Consider the integral \begin{equation} I_n(x)=\int^2_1 (\log_{e}t) e^{-x(t-1)^{n}} \, dt \end{equation} Use Laplace's Method to show that \begin{equation} I_n(x) \sim \frac{1}{nx^\frac{2}{n}} \int^\infty_0 \tau^{\frac{2-n}{n}} e^{-\tau} \, d\tau \end{equation} as $x\rightarrow\infty$. where $0<n\leq2$. Hence find the leading order behaviour of $I_1(x)$. and $I_2(x)$ as $x\rightarrow \infty$.
=> Its really difficult question for me.
Here, $g(t) = -(t-1)^{n}$ has the maximum at $t=0$
but $h(t)= \log_{e} t$ at $t=0$, $h(0)=0$. so I can not go any further. PLEASE HELP ME.
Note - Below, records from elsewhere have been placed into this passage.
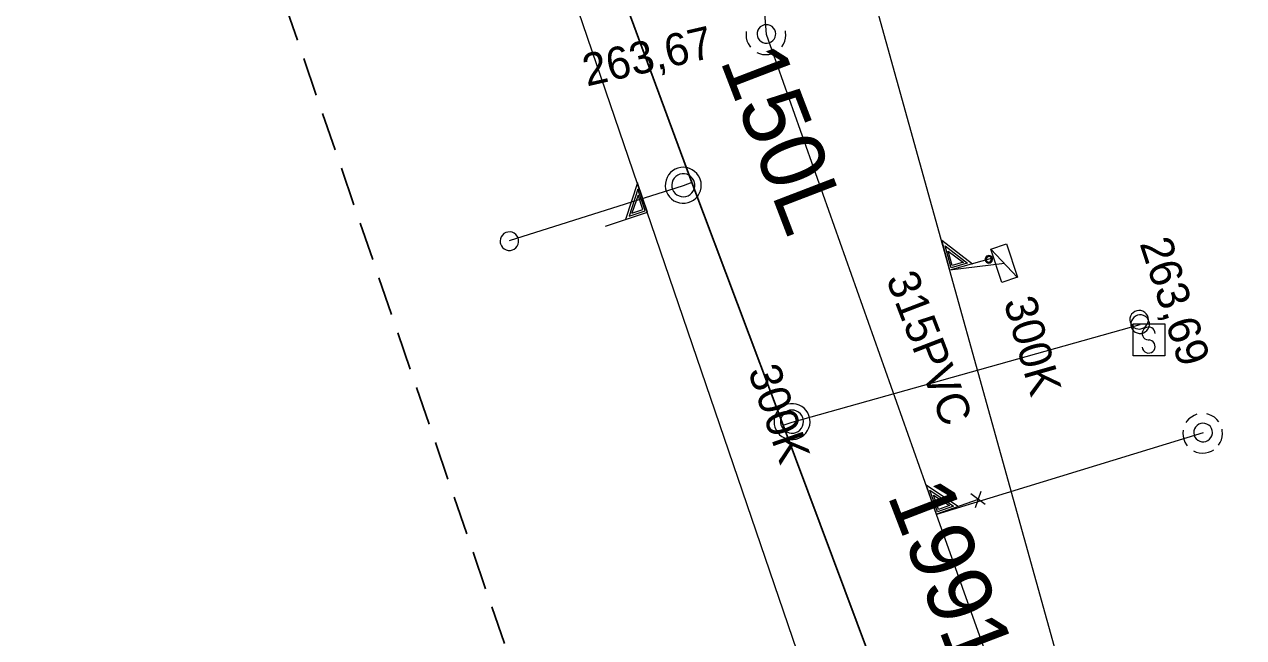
# Model space of a CAD drawing. Extents: x -732074 to -731966, y -1048695 to -1047982.
# Drawn here: x -732074 to -732043.73, y -1048447.33 to -1048432.1 of the extents above; entities that cross this region are included whole.
import ezdxf

# ---------------------------------------------------------------- set-up
doc = ezdxf.new("R2010")
doc.units = 0
doc.header["$LTSCALE"] = 0.32
doc.linetypes.add('MEDIUM_DASHED', pattern=[4.5, 3, -1.5])
doc.layers.add('1', color=7, linetype='Continuous')
for name, color, linetype, lineweight in [('18', 7, 'Continuous', 13), ('20', 7, 'Continuous', 13), ('49', 7, 'Continuous', 13), ('63', 7, 'MEDIUM_DASHED', 25), ('8', 7, 'Continuous', 13)]:
    doc.layers.add(name, color=color, linetype=linetype, lineweight=lineweight)

msp = doc.modelspace()

# ---------------------------------------------------------------- linework, layer by layer
at = {"layer": '18'}
for p, q in [((-732050.009, -1048437.686), (-732049.342, -1048438.386)), ((-732050.152, -1048444.031), (-732050.506, -1048443.763)), ((-732050.253, -1048443.708), (-732050.395, -1048444.114))]:
    msp.add_line(p, q, dxfattribs=at)
for points in [[(-732056.077, -1048432.279), (-732056.083, -1048432.356), (-732056.078, -1048432.433), (-732056.061, -1048432.508), (-732056.032, -1048432.579), (-732055.992, -1048432.645), (-732055.976, -1048432.667)], [(-732055.196, -1048432.656), (-732055.155, -1048432.591), (-732055.124, -1048432.521), (-732055.105, -1048432.446), (-732055.097, -1048432.37), (-732055.102, -1048432.293), (-732055.108, -1048432.258)], [(-732055.819, -1048432.796), (-732055.749, -1048432.827), (-732055.674, -1048432.846), (-732055.598, -1048432.853), (-732055.521, -1048432.848), (-732055.446, -1048432.831), (-732055.374, -1048432.803), (-732055.314, -1048432.768)], [(-732059.568, -1048437.117), (-732058.53, -1048436.763), (-732058.779, -1048436.033), (-732059.077, -1048436.95)], [(-732058.982, -1048436.863), (-732058.589, -1048436.729), (-732058.771, -1048436.194), (-732058.983, -1048436.864)], [(-732058.918, -1048436.792), (-732058.643, -1048436.698), (-732058.762, -1048436.346), (-732058.918, -1048436.793)], [(-732049.966, -1048437.912), (-732051.021, -1048438.205), (-732051.227, -1048437.463), (-732050.464, -1048438.05)], [(-732050.591, -1048438.034), (-732050.992, -1048438.145), (-732051.143, -1048437.6), (-732050.59, -1048438.034)], [(-732050.685, -1048438.011), (-732050.966, -1048438.089), (-732051.066, -1048437.731), (-732050.684, -1048438.012)], [(-732044.892, -1048441.787), (-732044.963, -1048441.815), (-732045.029, -1048441.854), (-732045.09, -1048441.902), (-732045.141, -1048441.959), (-732045.164, -1048441.993)], [(-732044.35, -1048441.97), (-732044.401, -1048441.912), (-732044.458, -1048441.862), (-732044.524, -1048441.821), (-732044.595, -1048441.792), (-732044.644, -1048441.778)], [(-732045.237, -1048442.179), (-732045.242, -1048442.256), (-732045.237, -1048442.333), (-732045.22, -1048442.408), (-732045.191, -1048442.479), (-732045.151, -1048442.545), (-732045.136, -1048442.567)], [(-732044.355, -1048442.556), (-732044.315, -1048442.491), (-732044.284, -1048442.421), (-732044.264, -1048442.346), (-732044.257, -1048442.27), (-732044.262, -1048442.193), (-732044.267, -1048442.158)], [(-732044.978, -1048442.696), (-732044.909, -1048442.727), (-732044.833, -1048442.746), (-732044.757, -1048442.753), (-732044.681, -1048442.748), (-732044.605, -1048442.731), (-732044.534, -1048442.703), (-732044.473, -1048442.668)], [(-732050.322, -1048443.902), (-732051.354, -1048444.268), (-732051.611, -1048443.543), (-732050.809, -1048444.075)], [(-732050.938, -1048444.068), (-732051.329, -1048444.206), (-732051.518, -1048443.673), (-732050.936, -1048444.067)], [(-732051.032, -1048444.051), (-732051.307, -1048444.149), (-732051.431, -1048443.798), (-732051.031, -1048444.052)]]:
    msp.add_lwpolyline(points, dxfattribs=at)
for points in [[(-732055.348, -1048432.339), (-732055.354, -1048432.287), (-732055.372, -1048432.237), (-732055.4, -1048432.193), (-732055.438, -1048432.156), (-732055.483, -1048432.129), (-732055.533, -1048432.113), (-732055.585, -1048432.108), (-732055.637, -1048432.115), (-732055.686, -1048432.134), (-732055.73, -1048432.164), (-732055.765, -1048432.203), (-732055.791, -1048432.248), (-732055.806, -1048432.299), (-732055.809, -1048432.351), (-732055.801, -1048432.403), (-732055.78, -1048432.451), (-732055.75, -1048432.494), (-732055.71, -1048432.529), (-732055.664, -1048432.553), (-732055.613, -1048432.567), (-732055.561, -1048432.569), (-732055.509, -1048432.559), (-732055.461, -1048432.537), (-732055.419, -1048432.505), (-732055.386, -1048432.465), (-732055.362, -1048432.418), (-732055.35, -1048432.367)], [(-732049.619, -1048437.553), (-732049.343, -1048438.382), (-732049.734, -1048438.512), (-732050.01, -1048437.683)], [(-732050.082, -1048437.847), (-732050.112, -1048437.861), (-732050.135, -1048437.885), (-732050.148, -1048437.916), (-732050.15, -1048437.95), (-732050.14, -1048437.981), (-732050.119, -1048438.007), (-732050.09, -1048438.025), (-732050.057, -1048438.032), (-732050.025, -1048438.026), (-732049.996, -1048438.01), (-732049.974, -1048437.984), (-732049.963, -1048437.952), (-732049.964, -1048437.919), (-732049.976, -1048437.887), (-732049.999, -1048437.862), (-732050.028, -1048437.847), (-732050.062, -1048437.843)], [(-732050.075, -1048437.873), (-732050.101, -1048437.886), (-732050.119, -1048437.908), (-732050.124, -1048437.935), (-732050.12, -1048437.963), (-732050.104, -1048437.987), (-732050.079, -1048438.001), (-732050.051, -1048438.004), (-732050.025, -1048437.996), (-732050.004, -1048437.977), (-732049.992, -1048437.951), (-732049.992, -1048437.923), (-732050.003, -1048437.897), (-732050.025, -1048437.879), (-732050.051, -1048437.87)], [(-732044.507, -1048442.239), (-732044.514, -1048442.187), (-732044.531, -1048442.137), (-732044.559, -1048442.093), (-732044.598, -1048442.056), (-732044.642, -1048442.029), (-732044.693, -1048442.013), (-732044.745, -1048442.008), (-732044.796, -1048442.015), (-732044.845, -1048442.034), (-732044.889, -1048442.064), (-732044.924, -1048442.103), (-732044.951, -1048442.148), (-732044.965, -1048442.199), (-732044.968, -1048442.251), (-732044.96, -1048442.303), (-732044.94, -1048442.351), (-732044.909, -1048442.394), (-732044.87, -1048442.429), (-732044.823, -1048442.453), (-732044.772, -1048442.467), (-732044.72, -1048442.469), (-732044.669, -1048442.459), (-732044.62, -1048442.437), (-732044.578, -1048442.405), (-732044.546, -1048442.365), (-732044.522, -1048442.318), (-732044.509, -1048442.267)]]:
    msp.add_lwpolyline(points, close=True, dxfattribs=at)
at = {"layer": '20'}
for p, q in [((-732047.59, -1048450.57), (-732053.92, -1048427.8)), ((-732047.59, -1048450.57), (-732053.92, -1048427.8)), ((-732051.489, -1048457.41), (-732060.89, -1048429.86)), ((-732051.489, -1048457.41), (-732060.89, -1048429.86))]:
    msp.add_line(p, q, dxfattribs=at)
for points in [[(-732055.579, -1048432.35), (-732056.217, -1048424.068), (-732057.272, -1048410.408), (-732058.87, -1048389.67)], [(-732055.579, -1048432.35), (-732056.217, -1048424.068), (-732057.272, -1048410.408), (-732058.87, -1048389.67)], [(-732047.25, -1048455.84), (-732049.379, -1048449.833), (-732051.352, -1048444.273), (-732055.579, -1048432.35)], [(-732047.25, -1048455.84), (-732049.379, -1048449.833), (-732051.352, -1048444.273), (-732055.579, -1048432.35)]]:
    msp.add_lwpolyline(points, dxfattribs=at)
at = {"layer": '49'}
for p, q in [((-732049.67, -1048438.04), (-732051.026, -1048438.206)), ((-732049.67, -1048438.04), (-732051.026, -1048438.206)), ((-732044.739, -1048442.25), (-732051.352, -1048444.273)), ((-732044.739, -1048442.25), (-732051.352, -1048444.273))]:
    msp.add_line(p, q, dxfattribs=at)
at = {"layer": '63'}
msp.add_lwpolyline([(-732022.871, -1048561.909), (-732073.995, -1048412.717), (-732073.996, -1048412.715), (-732073.996, -1048412.713), (-732069.268, -1048320.574)], dxfattribs=at)
at = {"layer": '8'}
for p, q in [((-732057.64, -1048436.11), (-732061.963, -1048437.478)), ((-732057.43, -1048436.03), (-732057.64, -1048436.11)), ((-732054.94, -1048441.98), (-732046.3, -1048439.56)), ((-732055.16, -1048442.06), (-732054.94, -1048441.98))]:
    msp.add_line(p, q, dxfattribs=at)
at = {"layer": '8', "lineweight": 25}
msp.add_lwpolyline([(-732060.37, -1048418.12), (-732059.43, -1048430.6), (-732057.43, -1048436.03), (-732055.16, -1048442.06), (-732051.16, -1048452.78), (-732050.93, -1048453.401), (-732046.69, -1048464.651), (-732045.92, -1048466.511), (-732044.12, -1048470.56)], dxfattribs=at)
at = {"layer": '8'}
for points in [[(-732057.206, -1048435.995), (-732057.229, -1048435.925), (-732057.263, -1048435.86), (-732057.307, -1048435.802), (-732057.36, -1048435.752), (-732057.42, -1048435.71), (-732057.486, -1048435.679), (-732057.556, -1048435.66), (-732057.629, -1048435.651), (-732057.702, -1048435.655), (-732057.774, -1048435.672), (-732057.842, -1048435.699), (-732057.905, -1048435.738), (-732057.959, -1048435.784), (-732058.006, -1048435.841), (-732058.044, -1048435.904), (-732058.07, -1048435.972), (-732058.084, -1048436.045), (-732058.088, -1048436.117), (-732058.079, -1048436.19), (-732058.058, -1048436.26), (-732058.026, -1048436.326), (-732057.984, -1048436.385), (-732057.932, -1048436.438), (-732057.873, -1048436.48), (-732057.807, -1048436.513), (-732057.738, -1048436.535), (-732057.665, -1048436.545), (-732057.592, -1048436.543), (-732057.52, -1048436.529), (-732057.451, -1048436.503), (-732057.388, -1048436.467), (-732057.331, -1048436.42), (-732057.282, -1048436.365), (-732057.244, -1048436.304), (-732057.216, -1048436.236), (-732057.199, -1048436.165), (-732057.194, -1048436.092), (-732057.201, -1048436.019)], [(-732057.363, -1048436.032), (-732057.382, -1048435.977), (-732057.412, -1048435.927), (-732057.452, -1048435.884), (-732057.5, -1048435.85), (-732057.553, -1048435.825), (-732057.61, -1048435.813), (-732057.669, -1048435.813), (-732057.727, -1048435.825), (-732057.78, -1048435.848), (-732057.828, -1048435.882), (-732057.868, -1048435.924), (-732057.899, -1048435.974), (-732057.919, -1048436.029), (-732057.927, -1048436.087), (-732057.924, -1048436.145), (-732057.908, -1048436.202), (-732057.881, -1048436.254), (-732057.845, -1048436.3), (-732057.799, -1048436.336), (-732057.747, -1048436.364), (-732057.691, -1048436.38), (-732057.633, -1048436.384), (-732057.575, -1048436.377), (-732057.52, -1048436.357), (-732057.469, -1048436.328), (-732057.426, -1048436.288), (-732057.392, -1048436.24), (-732057.369, -1048436.187), (-732057.357, -1048436.129), (-732057.357, -1048436.071)], [(-732062.178, -1048437.556), (-732062.157, -1048437.604), (-732062.125, -1048437.646), (-732062.085, -1048437.68), (-732062.037, -1048437.704), (-732061.986, -1048437.716), (-732061.934, -1048437.716), (-732061.883, -1048437.705), (-732061.835, -1048437.682), (-732061.794, -1048437.65), (-732061.761, -1048437.608), (-732061.74, -1048437.56), (-732061.729, -1048437.509), (-732061.73, -1048437.456), (-732061.743, -1048437.405), (-732061.766, -1048437.358), (-732061.801, -1048437.319), (-732061.842, -1048437.287), (-732061.891, -1048437.266), (-732061.942, -1048437.257), (-732061.995, -1048437.259), (-732062.045, -1048437.273), (-732062.092, -1048437.298), (-732062.131, -1048437.334), (-732062.161, -1048437.377), (-732062.18, -1048437.425), (-732062.189, -1048437.477), (-732062.185, -1048437.529)], [(-732046.096, -1048439.438), (-732046.102, -1048439.386), (-732046.12, -1048439.336), (-732046.148, -1048439.292), (-732046.186, -1048439.255), (-732046.231, -1048439.228), (-732046.281, -1048439.212), (-732046.333, -1048439.207), (-732046.385, -1048439.214), (-732046.434, -1048439.233), (-732046.478, -1048439.263), (-732046.513, -1048439.302), (-732046.539, -1048439.347), (-732046.554, -1048439.398), (-732046.557, -1048439.45), (-732046.549, -1048439.502), (-732046.528, -1048439.55), (-732046.498, -1048439.593), (-732046.458, -1048439.628), (-732046.412, -1048439.652), (-732046.361, -1048439.666), (-732046.309, -1048439.668), (-732046.257, -1048439.658), (-732046.209, -1048439.636), (-732046.167, -1048439.604), (-732046.134, -1048439.564), (-732046.11, -1048439.517), (-732046.098, -1048439.466)], [(-732046.079, -1048439.486), (-732046.099, -1048439.438), (-732046.13, -1048439.394), (-732046.168, -1048439.359), (-732046.215, -1048439.334), (-732046.266, -1048439.32), (-732046.318, -1048439.318), (-732046.369, -1048439.328), (-732046.418, -1048439.348), (-732046.46, -1048439.38), (-732046.494, -1048439.421), (-732046.517, -1048439.468), (-732046.53, -1048439.518), (-732046.531, -1048439.571), (-732046.52, -1048439.622), (-732046.498, -1048439.67), (-732046.465, -1048439.71), (-732046.424, -1048439.744), (-732046.376, -1048439.767), (-732046.325, -1048439.777), (-732046.273, -1048439.777), (-732046.222, -1048439.765), (-732046.175, -1048439.741), (-732046.134, -1048439.707), (-732046.102, -1048439.665), (-732046.081, -1048439.618), (-732046.071, -1048439.566), (-732046.073, -1048439.514)], [(-732046.478, -1048439.537), (-732045.689, -1048439.537), (-732045.689, -1048440.337), (-732046.478, -1048440.337)], [(-732054.522, -1048441.816), (-732054.553, -1048441.749), (-732054.594, -1048441.689), (-732054.644, -1048441.636), (-732054.702, -1048441.592), (-732054.767, -1048441.557), (-732054.836, -1048441.534), (-732054.908, -1048441.523), (-732054.982, -1048441.523), (-732055.054, -1048441.536), (-732055.124, -1048441.56), (-732055.188, -1048441.595), (-732055.245, -1048441.641), (-732055.294, -1048441.693), (-732055.335, -1048441.755), (-732055.365, -1048441.822), (-732055.383, -1048441.893), (-732055.389, -1048441.966), (-732055.384, -1048442.039), (-732055.366, -1048442.11), (-732055.338, -1048442.177), (-732055.298, -1048442.239), (-732055.25, -1048442.293), (-732055.192, -1048442.34), (-732055.129, -1048442.375), (-732055.06, -1048442.4), (-732054.988, -1048442.413), (-732054.915, -1048442.415), (-732054.842, -1048442.405), (-732054.772, -1048442.383), (-732054.707, -1048442.349), (-732054.648, -1048442.306), (-732054.597, -1048442.253), (-732054.555, -1048442.193), (-732054.524, -1048442.127), (-732054.504, -1048442.056), (-732054.495, -1048441.984), (-732054.499, -1048441.911), (-732054.514, -1048441.84)], [(-732054.673, -1048441.871), (-732054.699, -1048441.818), (-732054.735, -1048441.772), (-732054.779, -1048441.734), (-732054.83, -1048441.706), (-732054.886, -1048441.687), (-732054.944, -1048441.682), (-732055.002, -1048441.688), (-732055.059, -1048441.707), (-732055.109, -1048441.736), (-732055.153, -1048441.775), (-732055.188, -1048441.822), (-732055.213, -1048441.874), (-732055.226, -1048441.931), (-732055.228, -1048441.991), (-732055.218, -1048442.048), (-732055.196, -1048442.102), (-732055.163, -1048442.151), (-732055.121, -1048442.192), (-732055.072, -1048442.223), (-732055.017, -1048442.245), (-732054.96, -1048442.254), (-732054.901, -1048442.252), (-732054.844, -1048442.237), (-732054.792, -1048442.212), (-732054.745, -1048442.177), (-732054.707, -1048442.132), (-732054.679, -1048442.08), (-732054.662, -1048442.025), (-732054.656, -1048441.967), (-732054.663, -1048441.909)]]:
    msp.add_lwpolyline(points, close=True, dxfattribs=at)
for points in [[(-732045.929, -1048439.783), (-732045.934, -1048439.74), (-732045.951, -1048439.699), (-732045.978, -1048439.665), (-732046.015, -1048439.639), (-732046.056, -1048439.624), (-732046.099, -1048439.621), (-732046.142, -1048439.629), (-732046.181, -1048439.649), (-732046.214, -1048439.678), (-732046.237, -1048439.716), (-732046.249, -1048439.758), (-732046.25, -1048439.801), (-732046.238, -1048439.844), (-732046.216, -1048439.881), (-732046.184, -1048439.912), (-732046.146, -1048439.932), (-732046.103, -1048439.941), (-732046.076, -1048439.941)], [(-732046.252, -1048440.12), (-732046.242, -1048440.163), (-732046.22, -1048440.202), (-732046.189, -1048440.233), (-732046.151, -1048440.254), (-732046.108, -1048440.265), (-732046.064, -1048440.263), (-732046.022, -1048440.25), (-732045.985, -1048440.226), (-732045.956, -1048440.193), (-732045.937, -1048440.153), (-732045.929, -1048440.11), (-732045.933, -1048440.066), (-732045.949, -1048440.025), (-732045.975, -1048439.99), (-732046.01, -1048439.963), (-732046.051, -1048439.946), (-732046.076, -1048439.941)]]:
    msp.add_lwpolyline(points, dxfattribs=at)

# ---------------------------------------------------------------- texts
at = {"layer": '1'}
for s, height, rotation, p in [('263,67', 0.8, 13, (-732060.036, -1048433.645)), ('150L', 1.6, 291, (-732056.738, -1048432.993)), ('263,69', 0.8, 288, (-732046.32, -1048437.542)), ('315PVC', 0.8, 291, (-732052.617, -1048438.417)), ('300K', 0.8, 286, (-732049.694, -1048438.987)), ('300K', 0.8, 289, (-732056.043, -1048440.711)), ('1991', 1.6, 291, (-732052.588, -1048443.793))]:
    msp.add_text(s, height=height, rotation=rotation, dxfattribs=at).set_placement(p)

doc.saveas('drawing.dxf')

Let $s=x(t-1)^n$. We then get $t = 1 + \left(\dfrac{s}x\right)^{1/n}$. We get $dt = \dfrac1{x^{1/n}} \dfrac{s^{1/n-1}}n ds$. Hence, $$I_n(x) = \int_1^2 \ln t \cdot e^{-x(t-1)^n}dt = \int_0^x \ln \left(1+\left(\dfrac{s}x \right)^{1/n}\right) e^{-s} \dfrac1{x^{1/n}} \dfrac{s^{1/n-1}}n ds$$ Hence, $$I_n(x) = \dfrac1{nx^{1/n}} \sum_{k=1}^{\infty}\dfrac{(-1)^{k+1}}{x^{k/n}} \int_0^x s^{k/n} s^{1/n-1} e^{-s}ds$$ Hence, as $x \to \infty$ and keeping only the leading order term, we get $$I_n(x) \sim \dfrac1{nx^{1/n}} \dfrac1{x^{1/n}} \int_0^{\infty} s^{1/n} s^{1/n-1} e^{-s}ds = \dfrac1{nx^{2/n}}\int_0^{\infty} s^{2/n-1}e^{-s}ds$$